[Records from a data collection]
========
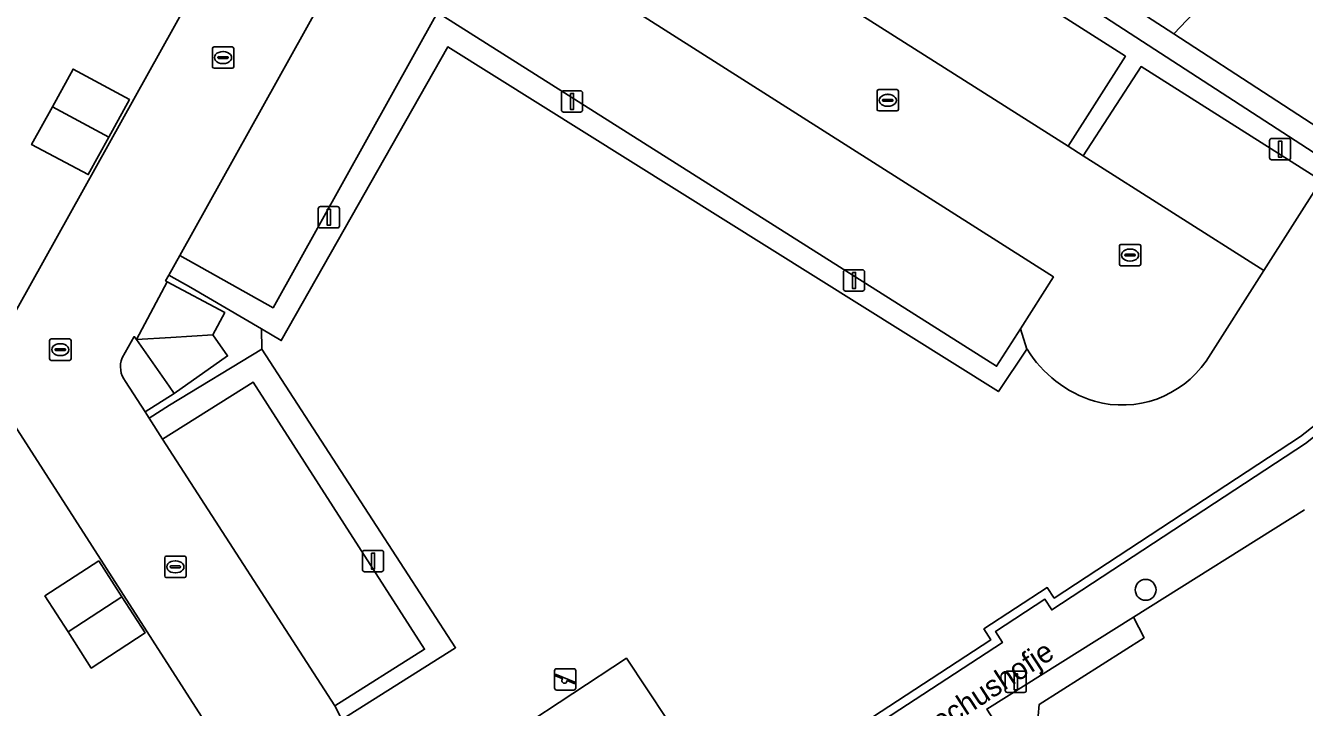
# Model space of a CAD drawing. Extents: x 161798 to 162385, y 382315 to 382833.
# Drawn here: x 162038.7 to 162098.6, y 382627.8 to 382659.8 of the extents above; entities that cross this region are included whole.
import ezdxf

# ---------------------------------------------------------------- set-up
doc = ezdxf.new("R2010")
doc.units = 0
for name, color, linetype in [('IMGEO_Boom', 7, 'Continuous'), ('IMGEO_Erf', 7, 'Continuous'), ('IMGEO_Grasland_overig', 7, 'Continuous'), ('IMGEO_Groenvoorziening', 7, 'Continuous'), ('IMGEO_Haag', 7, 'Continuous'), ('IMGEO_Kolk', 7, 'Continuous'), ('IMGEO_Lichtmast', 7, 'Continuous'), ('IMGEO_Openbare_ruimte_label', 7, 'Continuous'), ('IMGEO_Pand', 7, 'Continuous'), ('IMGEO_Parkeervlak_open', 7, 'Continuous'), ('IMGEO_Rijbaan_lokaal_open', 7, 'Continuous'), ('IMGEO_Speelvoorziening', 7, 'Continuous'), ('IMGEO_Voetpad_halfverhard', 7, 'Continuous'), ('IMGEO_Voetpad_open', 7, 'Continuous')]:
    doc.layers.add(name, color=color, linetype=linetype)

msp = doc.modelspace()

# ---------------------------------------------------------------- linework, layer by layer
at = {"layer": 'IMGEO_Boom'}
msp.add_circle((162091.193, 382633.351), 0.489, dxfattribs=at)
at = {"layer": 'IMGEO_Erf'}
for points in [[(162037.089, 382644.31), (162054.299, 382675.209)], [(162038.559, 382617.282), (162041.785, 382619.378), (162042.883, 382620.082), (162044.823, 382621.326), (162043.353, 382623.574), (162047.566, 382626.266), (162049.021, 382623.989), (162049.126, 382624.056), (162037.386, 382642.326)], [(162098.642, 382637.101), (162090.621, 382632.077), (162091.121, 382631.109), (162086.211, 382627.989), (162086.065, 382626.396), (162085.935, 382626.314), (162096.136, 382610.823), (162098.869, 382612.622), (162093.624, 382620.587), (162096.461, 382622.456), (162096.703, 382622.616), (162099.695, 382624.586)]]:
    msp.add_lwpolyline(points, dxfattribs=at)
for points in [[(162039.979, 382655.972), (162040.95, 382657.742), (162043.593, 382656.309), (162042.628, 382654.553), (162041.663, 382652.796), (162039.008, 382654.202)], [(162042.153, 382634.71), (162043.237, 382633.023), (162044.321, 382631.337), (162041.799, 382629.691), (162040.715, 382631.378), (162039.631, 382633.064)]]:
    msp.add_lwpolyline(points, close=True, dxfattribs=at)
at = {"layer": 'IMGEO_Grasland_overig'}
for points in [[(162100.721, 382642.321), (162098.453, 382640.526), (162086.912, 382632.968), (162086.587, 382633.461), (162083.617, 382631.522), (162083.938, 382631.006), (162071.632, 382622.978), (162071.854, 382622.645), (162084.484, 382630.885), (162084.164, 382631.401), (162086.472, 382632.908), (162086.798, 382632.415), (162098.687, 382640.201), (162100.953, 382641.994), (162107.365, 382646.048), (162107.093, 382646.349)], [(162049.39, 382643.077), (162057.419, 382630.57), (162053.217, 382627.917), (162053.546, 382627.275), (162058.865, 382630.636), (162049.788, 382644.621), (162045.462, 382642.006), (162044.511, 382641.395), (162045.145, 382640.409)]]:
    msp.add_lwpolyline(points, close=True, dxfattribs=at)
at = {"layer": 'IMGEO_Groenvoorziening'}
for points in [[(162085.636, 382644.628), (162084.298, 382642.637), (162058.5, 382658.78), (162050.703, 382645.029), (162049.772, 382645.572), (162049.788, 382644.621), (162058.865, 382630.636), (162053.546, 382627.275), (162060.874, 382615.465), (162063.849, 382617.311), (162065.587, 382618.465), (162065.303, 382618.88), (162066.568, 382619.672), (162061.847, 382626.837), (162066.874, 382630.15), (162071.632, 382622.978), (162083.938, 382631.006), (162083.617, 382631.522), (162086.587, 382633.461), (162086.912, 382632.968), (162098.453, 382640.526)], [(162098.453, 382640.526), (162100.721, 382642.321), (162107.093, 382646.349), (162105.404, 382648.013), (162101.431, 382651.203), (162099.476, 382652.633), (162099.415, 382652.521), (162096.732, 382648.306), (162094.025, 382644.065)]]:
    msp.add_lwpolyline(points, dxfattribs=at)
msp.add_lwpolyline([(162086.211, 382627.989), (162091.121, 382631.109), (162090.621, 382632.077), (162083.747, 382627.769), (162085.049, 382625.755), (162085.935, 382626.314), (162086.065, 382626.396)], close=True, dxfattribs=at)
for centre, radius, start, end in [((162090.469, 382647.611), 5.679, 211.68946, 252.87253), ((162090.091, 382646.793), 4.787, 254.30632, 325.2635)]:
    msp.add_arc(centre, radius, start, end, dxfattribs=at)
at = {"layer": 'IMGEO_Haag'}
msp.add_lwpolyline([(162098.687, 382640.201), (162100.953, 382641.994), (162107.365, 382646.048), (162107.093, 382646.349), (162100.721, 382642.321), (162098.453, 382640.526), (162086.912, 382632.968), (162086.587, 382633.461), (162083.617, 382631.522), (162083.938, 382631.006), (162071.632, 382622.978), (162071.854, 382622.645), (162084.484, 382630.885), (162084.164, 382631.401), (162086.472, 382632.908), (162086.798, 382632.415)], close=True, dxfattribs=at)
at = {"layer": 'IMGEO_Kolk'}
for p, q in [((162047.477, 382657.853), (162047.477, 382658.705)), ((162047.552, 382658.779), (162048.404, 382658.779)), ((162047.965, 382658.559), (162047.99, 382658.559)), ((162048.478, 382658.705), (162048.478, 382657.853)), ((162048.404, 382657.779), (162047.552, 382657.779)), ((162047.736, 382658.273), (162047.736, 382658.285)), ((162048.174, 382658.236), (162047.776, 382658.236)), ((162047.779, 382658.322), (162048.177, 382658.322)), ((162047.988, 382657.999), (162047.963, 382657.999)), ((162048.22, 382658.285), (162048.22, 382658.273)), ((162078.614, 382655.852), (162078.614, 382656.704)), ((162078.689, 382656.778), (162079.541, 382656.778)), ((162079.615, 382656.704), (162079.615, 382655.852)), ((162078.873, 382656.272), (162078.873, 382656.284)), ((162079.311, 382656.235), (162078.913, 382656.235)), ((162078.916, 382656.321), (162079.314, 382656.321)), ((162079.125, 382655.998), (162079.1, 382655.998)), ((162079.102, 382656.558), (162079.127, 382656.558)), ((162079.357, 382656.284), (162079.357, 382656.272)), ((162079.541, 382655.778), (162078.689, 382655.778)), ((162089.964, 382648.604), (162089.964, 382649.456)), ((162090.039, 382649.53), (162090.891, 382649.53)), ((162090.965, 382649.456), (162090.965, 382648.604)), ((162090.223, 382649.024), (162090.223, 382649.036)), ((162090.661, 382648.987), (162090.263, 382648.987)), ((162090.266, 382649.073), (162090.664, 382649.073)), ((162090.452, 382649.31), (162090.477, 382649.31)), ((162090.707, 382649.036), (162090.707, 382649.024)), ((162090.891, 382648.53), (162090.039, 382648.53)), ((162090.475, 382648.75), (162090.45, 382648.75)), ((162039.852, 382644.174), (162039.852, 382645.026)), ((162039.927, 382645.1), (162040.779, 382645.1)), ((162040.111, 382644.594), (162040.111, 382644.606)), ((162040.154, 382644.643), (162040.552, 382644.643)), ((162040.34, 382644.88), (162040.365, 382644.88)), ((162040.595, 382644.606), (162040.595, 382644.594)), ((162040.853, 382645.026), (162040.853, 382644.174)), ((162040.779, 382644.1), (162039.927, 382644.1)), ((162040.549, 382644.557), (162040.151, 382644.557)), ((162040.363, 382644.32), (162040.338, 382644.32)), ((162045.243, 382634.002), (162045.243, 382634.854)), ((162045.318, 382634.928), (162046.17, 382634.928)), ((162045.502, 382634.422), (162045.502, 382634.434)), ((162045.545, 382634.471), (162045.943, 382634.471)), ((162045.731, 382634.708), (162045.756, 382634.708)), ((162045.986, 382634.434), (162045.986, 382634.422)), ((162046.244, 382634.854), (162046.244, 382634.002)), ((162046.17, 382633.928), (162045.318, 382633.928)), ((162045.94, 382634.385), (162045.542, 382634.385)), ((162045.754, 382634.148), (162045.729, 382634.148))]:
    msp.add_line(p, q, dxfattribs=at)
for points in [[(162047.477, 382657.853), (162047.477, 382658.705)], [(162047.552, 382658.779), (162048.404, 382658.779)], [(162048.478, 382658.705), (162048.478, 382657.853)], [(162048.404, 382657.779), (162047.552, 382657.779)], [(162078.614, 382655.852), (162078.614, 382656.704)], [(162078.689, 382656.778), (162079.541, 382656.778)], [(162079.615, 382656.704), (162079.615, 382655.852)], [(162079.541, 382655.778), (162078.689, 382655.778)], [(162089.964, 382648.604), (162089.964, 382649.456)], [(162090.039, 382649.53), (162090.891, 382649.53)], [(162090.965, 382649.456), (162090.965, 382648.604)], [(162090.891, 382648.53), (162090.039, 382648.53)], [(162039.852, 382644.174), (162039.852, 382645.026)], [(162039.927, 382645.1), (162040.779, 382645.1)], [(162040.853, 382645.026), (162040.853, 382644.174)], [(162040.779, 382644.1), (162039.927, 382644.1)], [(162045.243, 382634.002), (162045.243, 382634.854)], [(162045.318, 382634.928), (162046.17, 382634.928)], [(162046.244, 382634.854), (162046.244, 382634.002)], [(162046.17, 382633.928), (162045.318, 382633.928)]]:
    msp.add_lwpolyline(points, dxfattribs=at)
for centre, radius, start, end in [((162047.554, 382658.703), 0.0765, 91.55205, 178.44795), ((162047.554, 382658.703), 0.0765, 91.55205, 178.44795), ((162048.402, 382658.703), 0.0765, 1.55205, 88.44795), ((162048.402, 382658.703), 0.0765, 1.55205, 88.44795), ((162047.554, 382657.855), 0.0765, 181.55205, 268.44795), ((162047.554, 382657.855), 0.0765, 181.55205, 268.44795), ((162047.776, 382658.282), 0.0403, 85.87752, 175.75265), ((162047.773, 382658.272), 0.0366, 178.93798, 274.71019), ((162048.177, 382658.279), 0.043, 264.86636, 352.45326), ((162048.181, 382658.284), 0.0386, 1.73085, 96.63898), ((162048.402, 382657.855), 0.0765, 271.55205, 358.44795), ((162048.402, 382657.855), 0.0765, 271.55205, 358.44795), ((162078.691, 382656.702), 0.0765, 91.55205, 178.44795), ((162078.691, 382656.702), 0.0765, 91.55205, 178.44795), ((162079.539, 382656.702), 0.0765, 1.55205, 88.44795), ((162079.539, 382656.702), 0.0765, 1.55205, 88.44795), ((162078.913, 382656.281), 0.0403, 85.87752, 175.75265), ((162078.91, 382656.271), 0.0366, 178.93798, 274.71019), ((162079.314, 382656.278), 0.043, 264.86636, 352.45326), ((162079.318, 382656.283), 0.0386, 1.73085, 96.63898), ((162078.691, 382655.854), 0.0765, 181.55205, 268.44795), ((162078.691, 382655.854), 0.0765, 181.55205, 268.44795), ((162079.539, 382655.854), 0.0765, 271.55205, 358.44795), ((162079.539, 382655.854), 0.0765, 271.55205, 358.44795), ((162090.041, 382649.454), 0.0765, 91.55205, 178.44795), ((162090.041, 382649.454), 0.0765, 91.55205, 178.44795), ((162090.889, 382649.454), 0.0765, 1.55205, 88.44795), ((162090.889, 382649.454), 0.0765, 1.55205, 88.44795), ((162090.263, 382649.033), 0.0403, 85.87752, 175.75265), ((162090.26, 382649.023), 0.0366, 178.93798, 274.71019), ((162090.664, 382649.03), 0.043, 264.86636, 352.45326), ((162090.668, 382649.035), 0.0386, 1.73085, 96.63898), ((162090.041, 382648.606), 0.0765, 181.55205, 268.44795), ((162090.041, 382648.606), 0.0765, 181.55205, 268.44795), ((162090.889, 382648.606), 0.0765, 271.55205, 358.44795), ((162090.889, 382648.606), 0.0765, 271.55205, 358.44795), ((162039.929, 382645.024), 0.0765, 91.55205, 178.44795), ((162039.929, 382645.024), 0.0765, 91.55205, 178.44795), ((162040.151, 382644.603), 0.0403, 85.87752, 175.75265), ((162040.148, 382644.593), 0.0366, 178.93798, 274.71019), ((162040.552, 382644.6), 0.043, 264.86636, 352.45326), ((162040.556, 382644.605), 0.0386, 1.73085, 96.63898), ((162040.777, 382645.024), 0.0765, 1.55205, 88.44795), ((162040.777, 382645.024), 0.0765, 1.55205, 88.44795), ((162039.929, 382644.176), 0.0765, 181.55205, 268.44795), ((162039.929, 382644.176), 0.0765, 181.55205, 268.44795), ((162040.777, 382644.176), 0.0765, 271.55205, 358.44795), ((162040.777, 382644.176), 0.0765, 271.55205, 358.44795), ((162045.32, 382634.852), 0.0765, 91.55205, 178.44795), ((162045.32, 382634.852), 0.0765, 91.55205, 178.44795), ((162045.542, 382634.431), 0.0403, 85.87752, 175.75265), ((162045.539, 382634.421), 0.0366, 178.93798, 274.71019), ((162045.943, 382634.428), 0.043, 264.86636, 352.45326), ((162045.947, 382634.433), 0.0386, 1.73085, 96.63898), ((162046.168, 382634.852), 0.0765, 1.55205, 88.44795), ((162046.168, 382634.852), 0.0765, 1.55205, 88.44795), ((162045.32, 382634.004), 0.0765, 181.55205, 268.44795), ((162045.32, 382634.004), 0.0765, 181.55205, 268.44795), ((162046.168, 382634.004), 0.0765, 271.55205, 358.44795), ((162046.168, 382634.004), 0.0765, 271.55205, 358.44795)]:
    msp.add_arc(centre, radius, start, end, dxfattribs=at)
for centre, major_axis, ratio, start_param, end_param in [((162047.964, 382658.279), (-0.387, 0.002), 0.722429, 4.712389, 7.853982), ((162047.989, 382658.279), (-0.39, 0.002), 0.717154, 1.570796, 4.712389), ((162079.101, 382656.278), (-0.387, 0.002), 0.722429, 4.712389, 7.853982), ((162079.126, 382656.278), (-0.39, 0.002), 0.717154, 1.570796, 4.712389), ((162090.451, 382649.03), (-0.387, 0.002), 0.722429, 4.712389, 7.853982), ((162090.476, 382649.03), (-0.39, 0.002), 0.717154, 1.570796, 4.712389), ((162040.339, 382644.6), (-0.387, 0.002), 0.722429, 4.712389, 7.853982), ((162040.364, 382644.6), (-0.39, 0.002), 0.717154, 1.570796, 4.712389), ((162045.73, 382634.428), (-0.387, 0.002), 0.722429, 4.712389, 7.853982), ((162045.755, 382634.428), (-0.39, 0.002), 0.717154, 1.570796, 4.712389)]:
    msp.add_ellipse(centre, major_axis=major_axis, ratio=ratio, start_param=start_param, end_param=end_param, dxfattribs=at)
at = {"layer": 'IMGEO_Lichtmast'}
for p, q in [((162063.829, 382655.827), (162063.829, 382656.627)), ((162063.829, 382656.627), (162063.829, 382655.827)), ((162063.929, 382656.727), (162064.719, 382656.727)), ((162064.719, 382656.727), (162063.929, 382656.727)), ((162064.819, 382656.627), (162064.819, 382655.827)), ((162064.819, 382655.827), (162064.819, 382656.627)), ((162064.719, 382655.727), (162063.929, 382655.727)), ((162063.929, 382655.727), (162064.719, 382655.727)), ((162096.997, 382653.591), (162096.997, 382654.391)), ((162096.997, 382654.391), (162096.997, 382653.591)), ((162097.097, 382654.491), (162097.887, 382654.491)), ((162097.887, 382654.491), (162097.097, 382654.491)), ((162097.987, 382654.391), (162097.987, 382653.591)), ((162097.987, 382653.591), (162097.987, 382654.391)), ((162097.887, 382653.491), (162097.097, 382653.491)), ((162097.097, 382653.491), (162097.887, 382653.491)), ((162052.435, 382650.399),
========
▶ **Exercise requirements**
In the answer, repeat exactly the lines from the top of the entries above through the line with "doc.layers.add(name, color=color, linetype=linetype)", and leave pictures out of it.

▶ **Answer to the exercise**
# Model space of a CAD drawing. Extents: x 161798 to 162385, y 382315 to 382833.
# Drawn here: x 162038.7 to 162098.6, y 382627.8 to 382659.8 of the extents above; entities that cross this region are included whole.
import ezdxf

# ---------------------------------------------------------------- set-up
doc = ezdxf.new("R2010")
doc.units = 0
for name, color, linetype in [('IMGEO_Boom', 7, 'Continuous'), ('IMGEO_Erf', 7, 'Continuous'), ('IMGEO_Grasland_overig', 7, 'Continuous'), ('IMGEO_Groenvoorziening', 7, 'Continuous'), ('IMGEO_Haag', 7, 'Continuous'), ('IMGEO_Kolk', 7, 'Continuous'), ('IMGEO_Lichtmast', 7, 'Continuous'), ('IMGEO_Openbare_ruimte_label', 7, 'Continuous'), ('IMGEO_Pand', 7, 'Continuous'), ('IMGEO_Parkeervlak_open', 7, 'Continuous'), ('IMGEO_Rijbaan_lokaal_open', 7, 'Continuous'), ('IMGEO_Speelvoorziening', 7, 'Continuous'), ('IMGEO_Voetpad_halfverhard', 7, 'Continuous'), ('IMGEO_Voetpad_open', 7, 'Continuous')]:
    doc.layers.add(name, color=color, linetype=linetype)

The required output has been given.